Does your wife know you met your soulmate here three times last month?
I can only listen to Russian classical music after drinking creamy tea too fast.
The chai cough’s key
My kids said they wanted to try something new this summer so I showed them how to vacuum & do laundry.
Never, EVER, check mail when you get home on a Saturday evening. Unless you’re sure it’s a check made out to you.

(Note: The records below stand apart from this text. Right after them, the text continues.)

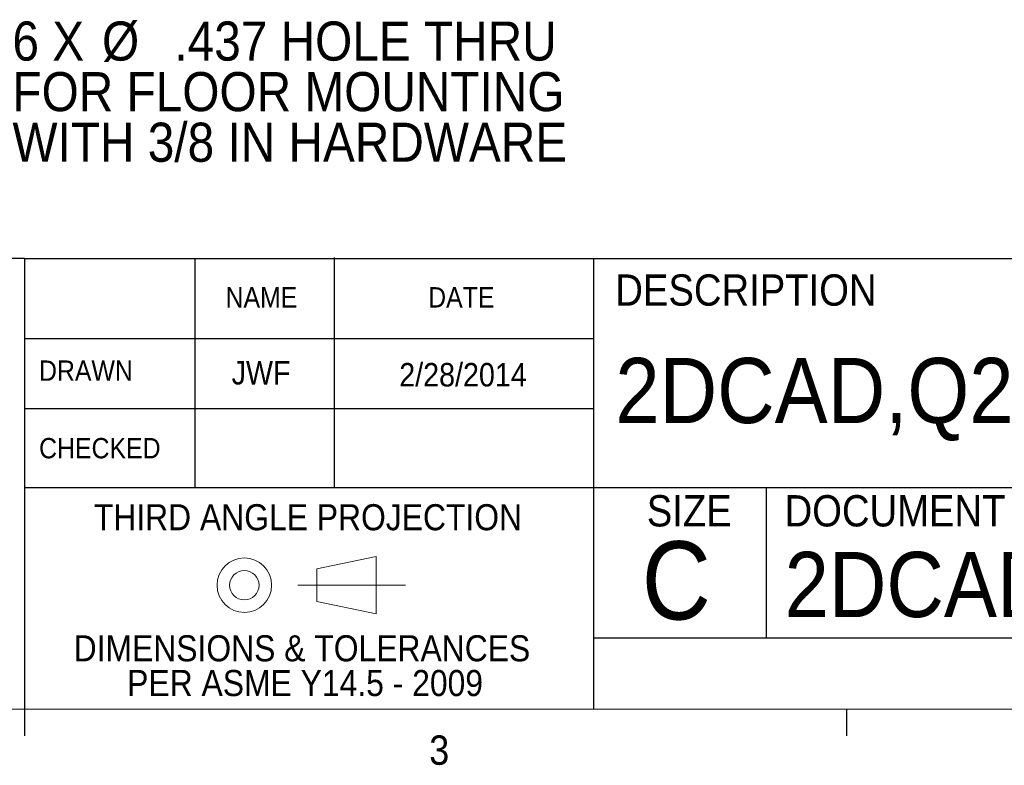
# Paper-space layout '2' of a CAD drawing. Header units: inches. Extents: x 1 to 109, y 1 to 85.
# Tile 19 of 136: x 68 to 84, y 1 to 13. Entities that reach past the tile are written whole.
import ezdxf

# ---------------------------------------------------------------- set-up
doc = ezdxf.new("R2010")
doc.units = ezdxf.units.IN
doc.header["$MEASUREMENT"] = 0
doc.linetypes.add('CENTERX2', pattern=[0.8, 0.5, -0.1, 0.1, -0.1])
doc.layers.add('FORMAT', color=7, linetype='Continuous')
doc.styles.add('SLDTEXTSTYLE0', font='GOTHIC.TTF', dxfattribs={"width": 0.913})
doc.styles.add('SLDTEXTSTYLE1', font='GOTHIC.TTF', dxfattribs={"width": 0.913})

# ---------------------------------------------------------------- blocks, each defined once
blk = doc.blocks.new('Block13')
at = {"color": 7, "linetype": 'Continuous', "lineweight": 0, "ltscale": 5}
for p, q in [((47.749, 18.203), (48.698, 18.399)), ((48.698, 18.399), (48.698, 17.484)), ((47.749, 18.203), (47.749, 17.68)), ((48.698, 17.484), (47.749, 17.68))]:
    blk.add_line(p, q, dxfattribs=at)
at = {"color": 7, "linetype": 'CENTERX2', "lineweight": 0, "ltscale": 5}
blk.add_line((47.447, 17.942), (49.167, 17.942), dxfattribs=at)
at = {"color": 7, "linetype": 'Continuous', "lineweight": 0, "ltscale": 5}
for radius in [0.436, 0.235]:
    blk.add_circle((46.593, 17.942), radius, dxfattribs=at)
blk = doc.blocks.new('SW_NOTE_13')
at = {"layer": 'FORMAT', "color": 0, "ltscale": 5, "char_height": 0.41667, "attachment_point": 2, "style": 'SLDTEXTSTYLE0'}
for s, insert in [('DIMENSIONS & TOLERANCES', (3.711, 0.532)), (' PER ASME Y14.5 - 2009', (3.691, -0.023))]:
    blk.add_mtext(s, dxfattribs=dict(at, insert=insert))
blk = doc.blocks.new('SW_NOTE_20')
at = {"layer": 'FORMAT', "color": 0, "ltscale": 5, "char_height": 0.625, "attachment_point": 1, "style": 'SLDTEXTSTYLE0'}
for s, insert in [('6 X ', (0.119, 0.267)), ('%%c', (1.55, 0.267)), (' .437 HOLE THRU', (2.493, 0.267)), ('FOR FLOOR MOUNTING', (0.119, -0.541)), ('WITH 3/8 IN HARDWARE', (0.119, -1.349))]:
    blk.add_mtext(s, dxfattribs=dict(at, insert=insert))

psp = doc.layouts.new('2')

# ---------------------------------------------------------------- linework, layer by layer
at = {"layer": 'FORMAT', "ltscale": 5}
for p, q in [((68.2394, 9.2573), (59.0745, 9.2573)), ((68.2394, 9.2573), (68.2394, 5.5986)), ((68.2394, 9.2573), (77.3242, 9.2573)), ((70.9588, 9.2573), (70.9588, 5.5986)), ((73.1844, 9.2696), (73.1844, 5.5986)), ((77.3242, 9.2573), (77.3242, 2.053)), ((77.3242, 9.2573), (107.6144, 9.2573)), ((68.2394, 7.9786), (77.3242, 7.9786)), ((68.2394, 6.8587), (77.3242, 6.8587)), ((68.2394, 5.5986), (77.3242, 5.5986)), ((68.2394, 5.5986), (68.2394, 2.053)), ((77.3242, 5.5986), (107.6144, 5.5986)), ((80.0848, 5.5986), (80.0848, 3.1936)), ((77.3242, 3.1936), (107.6144, 3.1936)), ((68.2394, 2.053), (68.2394, 1.629)), ((81.3644, 2.053), (81.3644, 1.629))]:
    psp.add_line(p, q, dxfattribs=at)
at = {"layer": 'FORMAT', "lineweight": 0, "ltscale": 5}
psp.add_line((107.6144, 2.053), (2.6144, 2.053), dxfattribs=at)

# ---------------------------------------------------------------- block references
at = {"layer": 'FORMAT', "color": 1, "ltscale": 5}
psp.add_blockref('SW_NOTE_20', (67.926, 12.7741), dxfattribs=at)
at = {"layer": 'FORMAT', "ltscale": 5}
psp.add_blockref('Block13', (25.1563, -13.9074), dxfattribs=at)
at = {"layer": 'FORMAT', "color": 7, "ltscale": 5}
psp.add_blockref('SW_NOTE_13', (68.958, 2.7033), dxfattribs=at)

# ---------------------------------------------------------------- texts
for s, insert, char_height, attachment_point, style in [('DESCRIPTION', (77.6748, 9.0011), 0.5, 1, 'SLDTEXTSTYLE0'), ('NAME', (72.0223, 8.7967), 0.325, 2, 'SLDTEXTSTYLE1'), ('DATE', (75.2142, 8.7967), 0.325, 2, 'SLDTEXTSTYLE1'), ('DRAWN', (68.4695, 7.6254), 0.325, 1, 'SLDTEXTSTYLE1'), ('JWF', (72.0163, 7.6166), 0.375, 2, 'SLDTEXTSTYLE0'), ('2/28/2014', (75.2417, 7.5851), 0.375, 2, 'SLDTEXTSTYLE0'), ('2DCAD,Q2,STANDARD', (77.6748, 7.6664), 1.041667, 1, 'SLDTEXTSTYLE0'), ('CHECKED', (68.4706, 6.3869), 0.325, 1, 'SLDTEXTSTYLE1'), ('SIZE', (78.1769, 5.4738), 0.5, 1, 'SLDTEXTSTYLE0'), ('DOCUMENT NUMBER', (80.3782, 5.4738), 0.5, 1, 'SLDTEXTSTYLE0'), ('THIRD ANGLE PROJECTION', (72.7645, 5.3294), 0.416667, 2, 'SLDTEXTSTYLE0'), ('C', (78.098, 4.7369), 1.25, 1, 'SLDTEXTSTYLE1'), ('2DCAD-Q2-STD', (80.3782, 4.5671), 1.041667, 1, 'SLDTEXTSTYLE0'), ('3', (74.7027, 1.6345), 0.4687, 1, 'SLDTEXTSTYLE0')]:
    psp.add_mtext(s, dxfattribs=dict(at, insert=insert, char_height=char_height, attachment_point=attachment_point, style=style))

doc.saveas('drawing.dxf')

uber driver picked me up “dodger stadium? you goin to the game?” i was like “nah” and we both sat there in silence for the whole ride, both knowing i had lied
Crush: what u up to
Me: about to take a shower and listen to music
Crush: nice, what kind
Me: *nervously* one with water
Told my kid it was time for a screen break and you’d think I asked for both of his kidneys
Change is always hard….
Especially when a jar of it falls on your head.
[Amphibian Playground]
BULLFROG: look at all u lil toad nerds
TOAD: help! a BULLYfrog!
TEACHER SNAKE: i’ll handle this *eats everyone*
*shotguns bottle of hot sauce*
*checks mirror*
Is it working yet?
Pretty rude of this cop to pull me over while I’m trying to change my pinned tweet
Accidentally played dad instead of dead when I encountered a bear and now it can ride a bike without training wheels.
*stomps feet during a tantrum, reaches fitbit step goal*
Flight Attendant: Sir, you need to put your iPhone in airplane mode.
Me: We’ve been cleared for takeoff for twenty minutes. You need to put this airplane in airplane mode.
This morning I jogged for 30 swear words.
I’m at the age where if I took an oatmeal bath I would want to add blueberries.
The wife declined my suggestion we try a different position in the bedroom for a change.
Apparently she’s more than satisfied with the existing two rooms/two beds arrangement.
Last weekend my partner wanted to go to one of those restaurants where they make the food right in front of you.
I took us to Subway..that’s how the fight started
Arranged to pick something up on facebay. On way there they text to say they’d sold to someone else. Stalked their profile until they posted they were in search of something. Said I had it. When they turned up, I told them I’d just sold it someone else instead.
Protip: If your coworker has a picture of herself and her dog labeled “Beauty and the Beast” you shouldn’t ask her which one is which.
RIP little boat. I can’t think of a more dinghy friend, canoe?
oh yeah? Well caterpillars also stay in bed for a month at a time and look how they turn out
The name “Boeing” makes so much sense now considering it’s basically the sound of something hitting the ground and bouncing.